How to complete this task. Check every line below for the word "storey" and show those that hold it.

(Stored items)
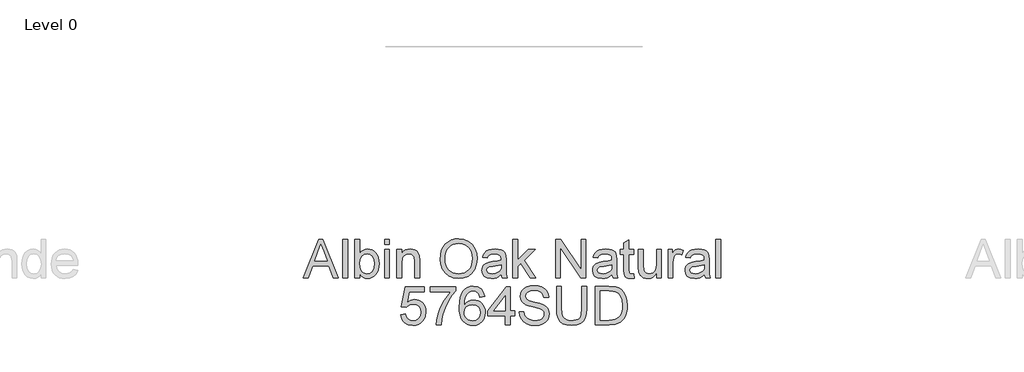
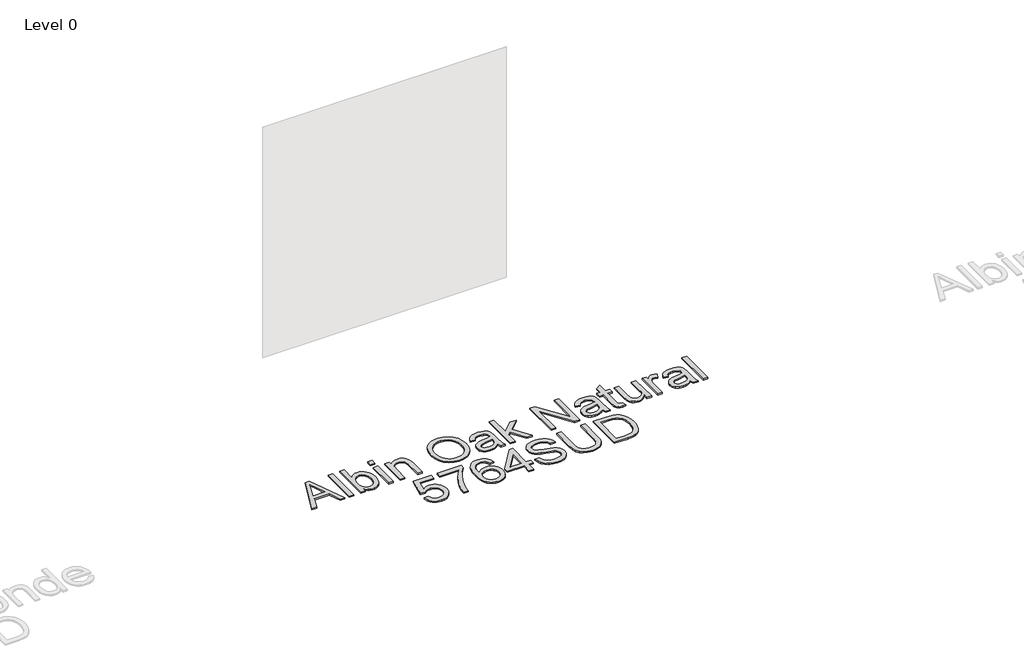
# One storey, part 31 of 43: 1 proxy.
"""IFC4 building model written with IfcOpenShell, lengths in millimetres."""

from ifc_helpers import new_model, si_unit, origin, origin_with_axes, place, context, project, spatial, polyline, outline, extrude, element, save

model = new_model("IFC4")

# Units and contexts
model_context = context("Model", 3, world=origin())
ifc_project = project(units=[si_unit("LENGTHUNIT", "METRE", prefix="MILLI")], contexts=[model_context])

# Site, building, storey
site = spatial("IfcSite", under=ifc_project)
building = spatial("IfcBuilding", under=site)
storey = spatial("IfcBuildingStorey", under=building, Name="Level 0", Elevation=0.0)

# Proxy
placement = place(None, origin())
element("IfcBuildingElementProxy", 1, Name="300mm Arial", ObjectType="300mm Arial", at=placement, inside=storey, context=model_context, shape_type="SweptSolid", body=[
    extrude(outline(polyline([(3908.5146688, -7002.860494), (4028.8120812, -6701.4915635), (4060.8913912, -6701.4915635), (4181.1888036, -7002.860494), (4141.3839718, -7002.860494), (4106.8766406, -6908.6827032), (3982.7532554, -6908.6827032), (3948.3195007, -7002.860494), (3908.5146688, -7002.860494)]), holes=[polyline([(3996.5856185, -6871.0115869), (4093.117854, -6871.0115869), (4065.9681627, -6796.9201531), (4044.8517362, -6739.1626798), (4026.0897545, -6790.44543), (3996.5856185, -6871.0115869)])]), origin_with_axes(), (0.0, 0.0, 1.0), 10.0),
    extrude(outline(polyline([(4216.7262044, -7002.860494), (4216.7262044, -6701.4915635), (4254.3973207, -6701.4915635), (4254.3973207, -7002.860494), (4216.7262044, -7002.860494)])), origin_with_axes(), (0.0, 0.0, 1.0), 10.0),
    extrude(outline(polyline([(4348.5751114, -7002.860494), (4310.9039951, -7002.860494), (4310.9039951, -6701.4915635), (4348.5751114, -6701.4915635), (4348.5751114, -6813.2541137), (4360.9635376, -6797.3202248), (4374.9522505, -6785.9388755), (4390.54125, -6779.110066), (4407.7305363, -6776.8337961), (4427.1363115, -6778.8847383), (4445.475229, -6785.0375646), (4461.698825, -6794.9059992), (4474.7586358, -6808.1037657), (4484.9949523, -6824.5021057), (4492.7480653, -6843.9722603), (4497.6316988, -6865.7048891), (4499.2595767, -6888.8906519), (4497.5742173, -6915.64487), (4492.5181391, -6939.1801206), (4484.0913421, -6959.4964038), (4472.2938264, -6976.5937195), (4458.1326689, -6990.1455725), (4442.6149465, -6999.8254675), (4425.7406592, -7005.6334045), (4407.5098071, -7007.5693835), (4389.7549023, -7005.0723845), (4374.0141514, -6997.5813874), (4360.2875545, -6985.0963921), (4348.5751114, -6967.6173988), (4348.5751114, -7002.860494)]), holes=[polyline([(4348.5751114, -6890.6564855), (4351.1502854, -6922.0736078), (4358.8758073, -6943.3371872), (4368.0038793, -6954.9576597), (4378.6126763, -6963.2579972), (4390.7021984, -6968.2381997), (4404.2724455, -6969.8982672), (4426.0142714, -6965.0054367), (4444.5923122, -6950.3269451), (4457.3394233, -6925.9547629), (4461.5884604, -6891.9808606), (4457.5141673, -6857.5103177), (4445.291288, -6833.414047), (4427.2926614, -6819.2321961), (4405.8911263, -6814.5049125), (4384.1493004, -6819.397743), (4365.5712596, -6834.0762346), (4352.8241485, -6858.0069584), (4348.5751114, -6890.6564855)])]), origin_with_axes(), (0.0, 0.0, 1.0), 10.0),
    extrude(outline(polyline([(4541.6395825, -6739.1626798), (4541.6395825, -6701.4915635), (4579.3106988, -6701.4915635), (4579.3106988, -6739.1626798), (4541.6395825, -6739.1626798)])), origin_with_axes(), (0.0, 0.0, 1.0), 10.0),
    extrude(outline(polyline([(4541.6395825, -7002.860494), (4541.6395825, -6781.5426857), (4579.3106988, -6781.5426857), (4579.3106988, -7002.860494), (4541.6395825, -7002.860494)])), origin_with_axes(), (0.0, 0.0, 1.0), 10.0),
    extrude(outline(polyline([(4635.8173733, -7002.860494), (4635.8173733, -6781.5426857), (4673.4884896, -6781.5426857), (4673.4884896, -6812.4447733), (4686.5758916, -6796.8649708), (4702.2936498, -6785.7365404), (4720.6417643, -6779.0594822), (4741.6202351, -6776.8337961), (4760.1890788, -6778.6272209), (4777.194424, -6784.0074951), (4791.3762749, -6792.303234), (4801.4746357, -6802.8430532), (4812.7686129, -6830.5445674), (4814.7551757, -6866.964885), (4814.7551757, -7002.860494), (4777.0840594, -7002.860494), (4777.0840594, -6872.0416565), (4772.7430519, -6838.7115477), (4766.7373783, -6828.7879309), (4757.4023727, -6821.0900002), (4745.4370108, -6816.1511844), (4731.5402684, -6814.5049125), (4709.4765458, -6818.2021265), (4690.6685788, -6829.2937687), (4683.1522897, -6838.3482643), (4677.7835119, -6850.7228949), (4673.4884896, -6885.4325611), (4673.4884896, -7002.860494), (4635.8173733, -7002.860494)])), origin_with_axes(), (0.0, 0.0, 1.0), 10.0),
    extrude(outline(polyline([(4974.85742, -6856.1491543), (4977.3682146, -6820.8002931), (4984.9005985, -6789.5073309), (4997.4545716, -6762.2702677), (5015.0301339, -6739.0891034), (5036.5742232, -6720.5800406), (5061.0337774, -6707.3592814), (5088.4087964, -6699.4268258), (5118.6992801, -6696.782674), (5158.2282005, -6701.7490809), (5193.6736308, -6716.6483017), (5223.1041904, -6740.4318727), (5244.5884989, -6772.0513302), (5257.7218861, -6809.9799639), (5262.0996819, -6852.6910636), (5257.4919599, -6895.9723803), (5243.6687939, -6934.4344429), (5221.3935391, -6966.1090827), (5191.4295506, -6989.028131), (5156.287623, -7002.9340704), (5118.4785509, -7007.5693835), (5078.3426253, -7002.4466267), (5042.6948599, -6987.0783564), (5013.3378767, -6962.853327), (4992.0742974, -6931.1602931), (4979.1616394, -6894.6939903), (4974.85742, -6856.1491543)]), holes=[polyline([(5012.5285363, -6856.5170363), (5014.4116323, -6881.4916252), (5020.0609202, -6903.661114), (5029.4764, -6923.0255025), (5042.6580717, -6939.5847908), (5058.6816319, -6952.8469367), (5076.6227769, -6962.3198981), (5096.4815069, -6968.0036749), (5118.2578217, -6969.8982672), (5140.4066171, -6967.9852808), (5160.4998718, -6962.2463217), (5178.5375859, -6952.6813898), (5194.5197593, -6939.2904852), (5207.6048621, -6922.381709), (5216.951364, -6902.2631624), (5222.5592652, -6878.9348454), (5224.4285656, -6852.396758), (5221.2279922, -6819.0482551), (5211.6262721, -6790.2247008), (5195.8717257, -6766.6526619), (5174.2126732, -6749.0587055), (5148.0838545, -6738.1050191), (5118.9200093, -6734.4537903), (5097.9001518, -6736.2127261), (5078.3978076, -6741.4895335), (5060.4129765, -6750.2842124), (5043.9456587, -6762.5967629), (5030.2006677, -6779.0203948), (5020.3828169, -6800.1483176), (5014.4921065, -6825.9805314), (5012.5285363, -6856.5170363)])]), origin_with_axes(), (0.0, 0.0, 1.0), 10.0),
    extrude(outline(polyline([(5450.4552634, -6974.6071568), (5432.4566368, -6990.0398064), (5413.9245813, -7000.1381672), (5394.4360326, -7005.7115794), (5373.5679264, -7007.5693835), (5342.0864247, -7003.0996173), (5318.8638737, -6989.6903186), (5304.5440671, -6969.3280501), (5299.7707982, -6943.9993748), (5301.5734199, -6928.3827841), (5306.9812853, -6914.2009331), (5315.3230095, -6902.0608273), (5325.927208, -6892.5694718), (5352.3043471, -6880.2086368), (5384.8986918, -6874.5432541), (5423.4159367, -6868.5835657), (5450.2345342, -6861.5938078), (5450.4552634, -6853.2060983), (5447.8616953, -6836.3938912), (5440.0809911, -6825.3942195), (5422.6801728, -6817.2272392), (5398.4367493, -6814.5049125), (5375.9959476, -6816.3167313), (5360.3241746, -6821.7521878), (5349.6372026, -6831.8045633), (5342.150804, -6847.4671392), (5304.4796877, -6842.7582497), (5311.0187902, -6822.156858), (5320.7768601, -6805.9700502), (5334.6644054, -6793.590821), (5353.5919341, -6784.4121652), (5376.7409086, -6778.7283884), (5403.2927916, -6776.8337961), (5428.7594227, -6778.5076592), (5448.9469472, -6783.5292485), (5464.1680648, -6791.0800264), (5474.7354751, -6800.3414556), (5481.7436271, -6811.7917827), (5486.2869697, -6825.9092543), (5488.1263797, -6858.8714811), (5488.1263797, -6905.7396473), (5490.0393661, -6971.1858542), (5497.5441588, -7002.860494), (5459.8730425, -7002.860494), (5450.4552634, -6974.6071568)]), holes=[polyline([(5450.4552634, -6899.2649241), (5389.6811578, -6910.8164188), (5357.270754, -6916.9232599), (5342.5922624, -6926.8560738), (5337.4419145, -6941.3506244), (5340.2470147, -6952.5526311), (5348.6623153, -6961.7312869), (5362.5038754, -6967.8565221), (5381.5877539, -6969.8982672), (5401.8212636, -6967.64499), (5419.7003286, -6960.8851583), (5434.1948792, -6950.9247533), (5444.2748459, -6939.069756), (5448.7446121, -6926.8560738), (5450.2345342, -6909.933502), (5450.4552634, -6899.2649241)])]), origin_with_axes(), (0.0, 0.0, 1.0), 10.0),
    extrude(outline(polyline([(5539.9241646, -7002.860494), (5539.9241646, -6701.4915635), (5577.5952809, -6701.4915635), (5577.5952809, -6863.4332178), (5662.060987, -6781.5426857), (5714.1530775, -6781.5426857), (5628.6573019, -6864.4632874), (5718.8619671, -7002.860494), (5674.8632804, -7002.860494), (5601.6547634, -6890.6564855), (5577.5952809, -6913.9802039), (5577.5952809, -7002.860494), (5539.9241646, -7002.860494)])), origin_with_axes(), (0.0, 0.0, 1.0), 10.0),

Expected output.
# One storey, part 31 of 43: 1 proxy.
# Site, building, storey
storey = spatial("IfcBuildingStorey", under=building, Name="Level 0", Elevation=0.0)
element("IfcBuildingElementProxy", 1, Name="300mm Arial", ObjectType="300mm Arial", at=placement, inside=storey, context=model_context, shape_type="SweptSolid", body=[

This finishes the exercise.